Hello John and all who may be interested.  We have been freezing food
since 1953 when we got our first freezer. I was in the RCAF(air force)
at the time and the "Food Plan" hit Ottawa with a bang! The way it
worked was simple, one contracted to buy frozen food, meats, vegetables,
fruits, from the food company, and the freezer came along with it. It
worked like this, the savings one made on the food, supposedly paid for
the freezer! Not quite! However, people did eat better(and more of)and
all in all, was a good plan, as long as one considered the freezer as a
purchase, and not a "free item" which unfortunately quite a few did. I
found out to my surprise that the person who was managing one of the
companies was an old buddy of mine, and as I was in the Service, he
recruited me to sell this food plan. Well, did I make money? You betcha!
Bought a 51 Buick for cash, which was unheard of on an Airman's income.
In any event, one of the things we learned using this freezer, an Amana
upright, was how to freeze properly,from our in house home economist,
who became a good friend. Out in the countryside around Ottawa there
were lots of farm roadside stands where the farmer's wife or kids were
selling fresh produce.

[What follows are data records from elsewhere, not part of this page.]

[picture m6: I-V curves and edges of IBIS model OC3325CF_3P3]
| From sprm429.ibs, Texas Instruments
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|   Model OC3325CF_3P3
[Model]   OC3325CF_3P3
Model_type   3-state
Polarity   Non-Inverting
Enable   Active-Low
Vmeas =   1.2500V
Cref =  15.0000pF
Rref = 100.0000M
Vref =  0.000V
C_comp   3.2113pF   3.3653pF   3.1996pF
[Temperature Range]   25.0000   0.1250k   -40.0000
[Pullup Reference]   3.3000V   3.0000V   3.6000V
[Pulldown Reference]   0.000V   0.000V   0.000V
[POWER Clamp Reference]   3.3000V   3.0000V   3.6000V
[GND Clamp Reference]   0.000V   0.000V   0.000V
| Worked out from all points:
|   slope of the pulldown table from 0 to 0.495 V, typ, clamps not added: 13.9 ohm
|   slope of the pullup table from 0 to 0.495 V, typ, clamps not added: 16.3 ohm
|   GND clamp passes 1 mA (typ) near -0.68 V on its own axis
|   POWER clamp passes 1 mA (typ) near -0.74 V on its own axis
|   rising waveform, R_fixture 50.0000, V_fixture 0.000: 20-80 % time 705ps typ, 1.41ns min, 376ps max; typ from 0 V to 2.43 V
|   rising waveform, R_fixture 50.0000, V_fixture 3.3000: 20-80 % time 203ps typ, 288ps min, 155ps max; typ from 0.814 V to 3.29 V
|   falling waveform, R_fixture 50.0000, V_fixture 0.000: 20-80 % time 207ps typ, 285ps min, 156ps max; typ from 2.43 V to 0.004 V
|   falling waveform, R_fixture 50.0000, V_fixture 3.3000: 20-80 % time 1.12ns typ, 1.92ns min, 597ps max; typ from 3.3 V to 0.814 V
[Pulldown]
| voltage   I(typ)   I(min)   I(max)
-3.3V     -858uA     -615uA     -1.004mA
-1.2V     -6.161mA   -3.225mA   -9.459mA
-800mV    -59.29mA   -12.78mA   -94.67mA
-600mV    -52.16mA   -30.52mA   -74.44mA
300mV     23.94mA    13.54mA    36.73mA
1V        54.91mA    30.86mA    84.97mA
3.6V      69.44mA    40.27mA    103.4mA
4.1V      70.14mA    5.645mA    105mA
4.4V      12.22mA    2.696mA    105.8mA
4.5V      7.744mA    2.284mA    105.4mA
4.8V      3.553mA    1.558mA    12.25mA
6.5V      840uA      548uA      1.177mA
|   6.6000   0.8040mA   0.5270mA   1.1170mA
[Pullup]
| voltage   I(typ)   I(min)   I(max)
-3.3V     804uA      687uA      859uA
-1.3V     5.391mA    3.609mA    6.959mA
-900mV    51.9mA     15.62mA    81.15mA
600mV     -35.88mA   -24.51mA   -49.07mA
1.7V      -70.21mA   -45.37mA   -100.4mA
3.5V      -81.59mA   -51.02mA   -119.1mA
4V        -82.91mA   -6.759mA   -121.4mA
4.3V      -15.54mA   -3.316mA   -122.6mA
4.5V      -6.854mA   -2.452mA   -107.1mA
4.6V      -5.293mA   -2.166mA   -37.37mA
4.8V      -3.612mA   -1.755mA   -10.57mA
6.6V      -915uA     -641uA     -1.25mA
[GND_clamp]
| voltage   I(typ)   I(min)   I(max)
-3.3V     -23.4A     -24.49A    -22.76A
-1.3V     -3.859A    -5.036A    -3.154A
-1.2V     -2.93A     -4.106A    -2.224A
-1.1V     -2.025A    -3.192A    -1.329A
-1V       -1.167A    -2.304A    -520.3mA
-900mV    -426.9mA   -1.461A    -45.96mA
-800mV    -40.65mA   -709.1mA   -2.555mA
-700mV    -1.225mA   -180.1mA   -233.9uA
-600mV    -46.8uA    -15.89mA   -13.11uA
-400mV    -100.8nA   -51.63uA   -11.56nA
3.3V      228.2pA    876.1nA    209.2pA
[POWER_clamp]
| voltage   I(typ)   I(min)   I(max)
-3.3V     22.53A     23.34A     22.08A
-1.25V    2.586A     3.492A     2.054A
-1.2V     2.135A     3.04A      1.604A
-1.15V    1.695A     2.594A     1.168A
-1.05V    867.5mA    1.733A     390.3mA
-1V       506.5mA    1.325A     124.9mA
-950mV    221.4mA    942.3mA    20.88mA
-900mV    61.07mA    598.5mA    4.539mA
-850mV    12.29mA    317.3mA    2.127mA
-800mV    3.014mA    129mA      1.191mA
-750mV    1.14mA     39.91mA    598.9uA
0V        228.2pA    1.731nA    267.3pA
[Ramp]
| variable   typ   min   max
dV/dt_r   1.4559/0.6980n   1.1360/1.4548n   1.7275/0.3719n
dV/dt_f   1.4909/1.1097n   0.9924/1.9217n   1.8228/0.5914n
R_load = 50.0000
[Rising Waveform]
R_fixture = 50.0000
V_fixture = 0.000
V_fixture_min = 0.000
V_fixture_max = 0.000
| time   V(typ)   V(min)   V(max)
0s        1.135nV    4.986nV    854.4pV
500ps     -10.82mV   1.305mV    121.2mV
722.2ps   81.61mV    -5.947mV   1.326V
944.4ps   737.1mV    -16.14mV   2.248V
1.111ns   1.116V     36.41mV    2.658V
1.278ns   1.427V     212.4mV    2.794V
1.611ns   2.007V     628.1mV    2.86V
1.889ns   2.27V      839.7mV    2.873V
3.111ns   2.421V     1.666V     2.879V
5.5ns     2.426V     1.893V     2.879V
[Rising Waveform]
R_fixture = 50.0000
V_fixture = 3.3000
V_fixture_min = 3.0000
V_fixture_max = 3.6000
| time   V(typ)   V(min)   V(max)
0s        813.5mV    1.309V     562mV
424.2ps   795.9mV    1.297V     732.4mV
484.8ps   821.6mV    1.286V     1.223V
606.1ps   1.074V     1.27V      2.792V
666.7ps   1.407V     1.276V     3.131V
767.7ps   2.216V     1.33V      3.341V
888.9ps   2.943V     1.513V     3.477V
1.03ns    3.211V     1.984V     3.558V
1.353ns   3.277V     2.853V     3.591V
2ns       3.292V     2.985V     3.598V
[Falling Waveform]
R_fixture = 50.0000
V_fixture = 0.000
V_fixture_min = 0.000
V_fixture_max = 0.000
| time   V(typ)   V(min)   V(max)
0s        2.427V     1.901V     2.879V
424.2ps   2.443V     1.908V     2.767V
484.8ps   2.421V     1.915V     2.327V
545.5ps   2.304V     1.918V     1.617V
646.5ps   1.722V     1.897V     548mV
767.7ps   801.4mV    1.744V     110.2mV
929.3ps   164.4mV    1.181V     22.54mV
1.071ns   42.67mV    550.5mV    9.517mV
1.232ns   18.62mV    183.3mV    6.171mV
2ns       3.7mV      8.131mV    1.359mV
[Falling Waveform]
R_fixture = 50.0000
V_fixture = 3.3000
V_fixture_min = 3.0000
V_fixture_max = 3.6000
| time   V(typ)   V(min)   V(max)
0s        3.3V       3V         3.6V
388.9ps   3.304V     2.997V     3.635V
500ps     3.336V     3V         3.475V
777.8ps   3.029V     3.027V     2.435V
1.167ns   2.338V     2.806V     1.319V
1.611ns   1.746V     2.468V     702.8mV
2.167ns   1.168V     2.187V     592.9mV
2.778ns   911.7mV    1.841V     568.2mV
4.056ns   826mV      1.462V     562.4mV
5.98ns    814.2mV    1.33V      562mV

We would travel out and get it, bring it home, a
very quick boiling water blanch and ice cube cooling, dry and into the
freezer, bottom shelf laid out on a cookie sheet. As soon as it was
frozen, into bags, expelled of air, and back into the freezer! That was
over 50 years ago, we still do it the same way! Only thing I don't
freeze are chiles!! Dry them, rather. However I do freeze tomatillas and
tomatoes.
Many years later, from a Seventh Day Adventist gal, I learned how to
freeze corn, so that it tastes like fresh, months later. Again, a quick,
one minute boiling water blanch, into ice water, dry and wrap in wax
paper, each ear wrapped separately. Then into the freezer on a tray, and
when frozen, into a plastic bag, air expelled and back into the freezer!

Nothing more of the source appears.